With all these factors in mind, the American College of Chest Physicians recently launched a new effort — listening. Their virtual Listening Tour launched September in Jackson, where one in seven residents have a chronic lung condition — 57 times the nation’s average. The tour, put on through the group’s philanthropy arm the Chest Foundation, brought together patients, like Burciaga, caregivers, community leaders, and providers to frankly identify real-world barriers that keep Jackson’s lung conditions so prevalent and chronic.
Providers participating in the new listening effort said starting in Jackson means acknowledging that robust access to care has historically fallen along racial and class lines, and addressing it will need an intersectional approach. But they too said, health care needs to get back to the basics of treating people, not just their disease.
“We have a health issue here in Mississippi but we have a bigger heart issue here in Mississippi. It’s not about Black and white, it’s not about insured versus uninsured, it’s not about low class versus high class, it’s just about humanity and dignity,” said Dr. Justin Turner, an internist in Jackson.
Jackson is a microcosm of barriers to accessing care, but in the hub of the state’s medical system. If each of the 26 practicing pulmonologists in Jackson, the densest physician population in the state, took an even share of all the patients with lung conditions, they’d have more than 1,600 patients each. Too, 16% of residents are uninsured, so finding specialty care is not the only problem — it’s paying for it.
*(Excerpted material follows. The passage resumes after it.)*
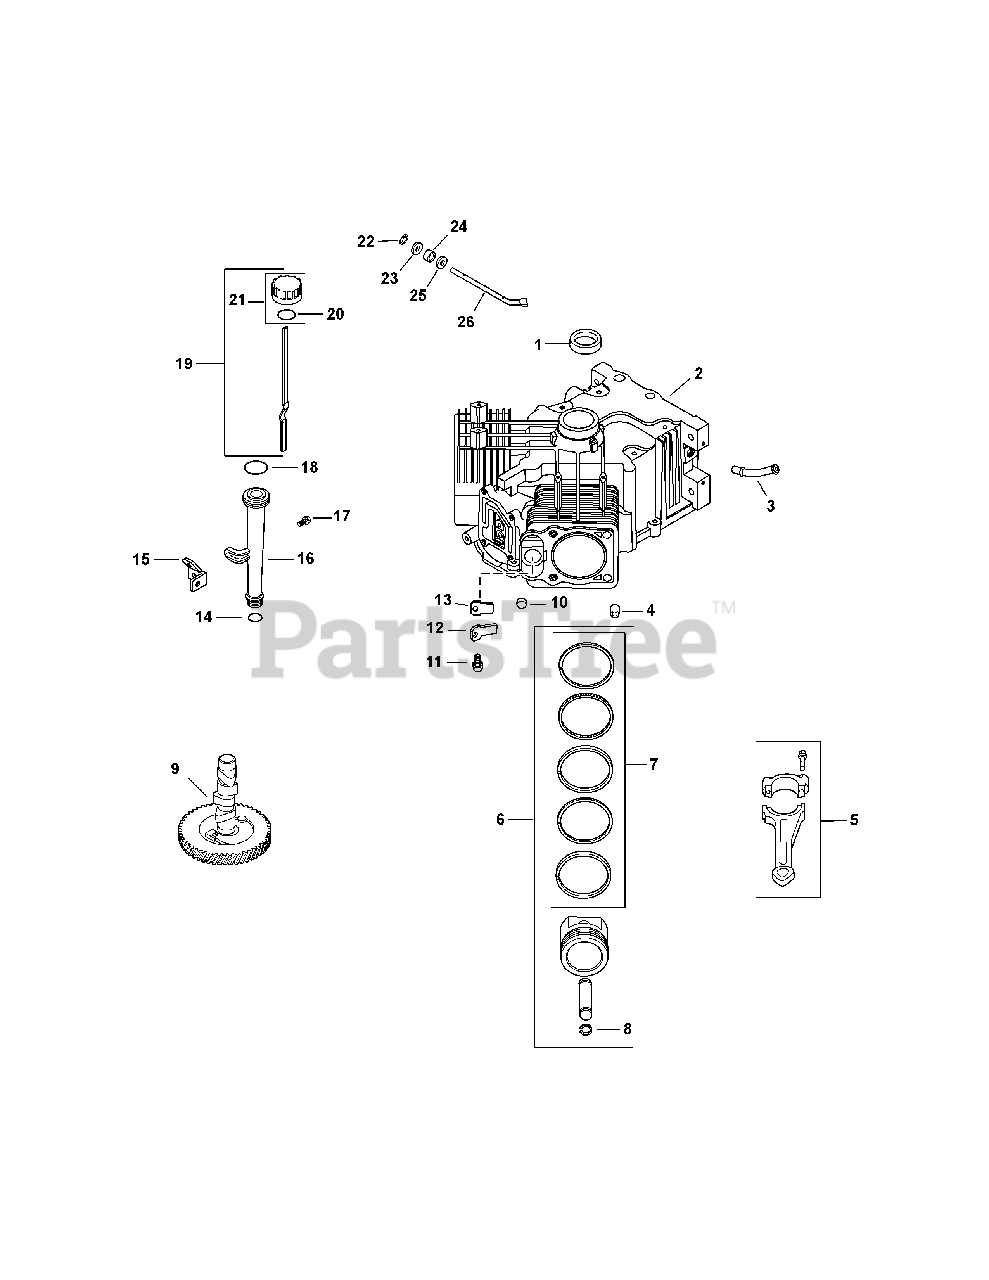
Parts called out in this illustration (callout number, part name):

The first stop on the new tour identified three major barriers to overall lung health in Jackson — all anecdotal, but also reflected in research: access to care and treatment, such as un- or under-insurance rates, high deductibles and medication cost; equity imbalance, like few Black doctors and health disparities; and lacking trust in the system.
Based on their report from the tour, the foundation is recommending actions across the pulmonology field, including: teach providers to ensure patients can afford medication when they prescribe it and keep up with the prescriptions; ensure easily accessible information about doctors who accept low-income health insurance; educate providers to identify and understand barriers to access; and, raise awareness of local resources to help address social determinants of health that exacerbate disparities.
Public health advocates have long-agreed that social determinants of health, like living in poverty, low levels of education and inability to meet basic needs like food and shelter are often the missing building blocks when it comes to overall wellness. And too often, it’s lacking the proper health insurance to cover surprise medical costs.
For Burciaga, she hopes sharing her story can help others learn about lung health and the disparities endemic to accessing care.
“As far as healthcare goes, I really wish it wasn’t such a political game,” she said. “That’s what’s so frustrating, is that they (lawmakers) use healthcare as a pawn in their game, but they’re not really even taking into consideration how it really affects people’s lives and how much some people really depend on it. It’s sad that the United States being what it’s supposed to be — the reputation of what it should be and is supposed to be — is so far from what it really is.”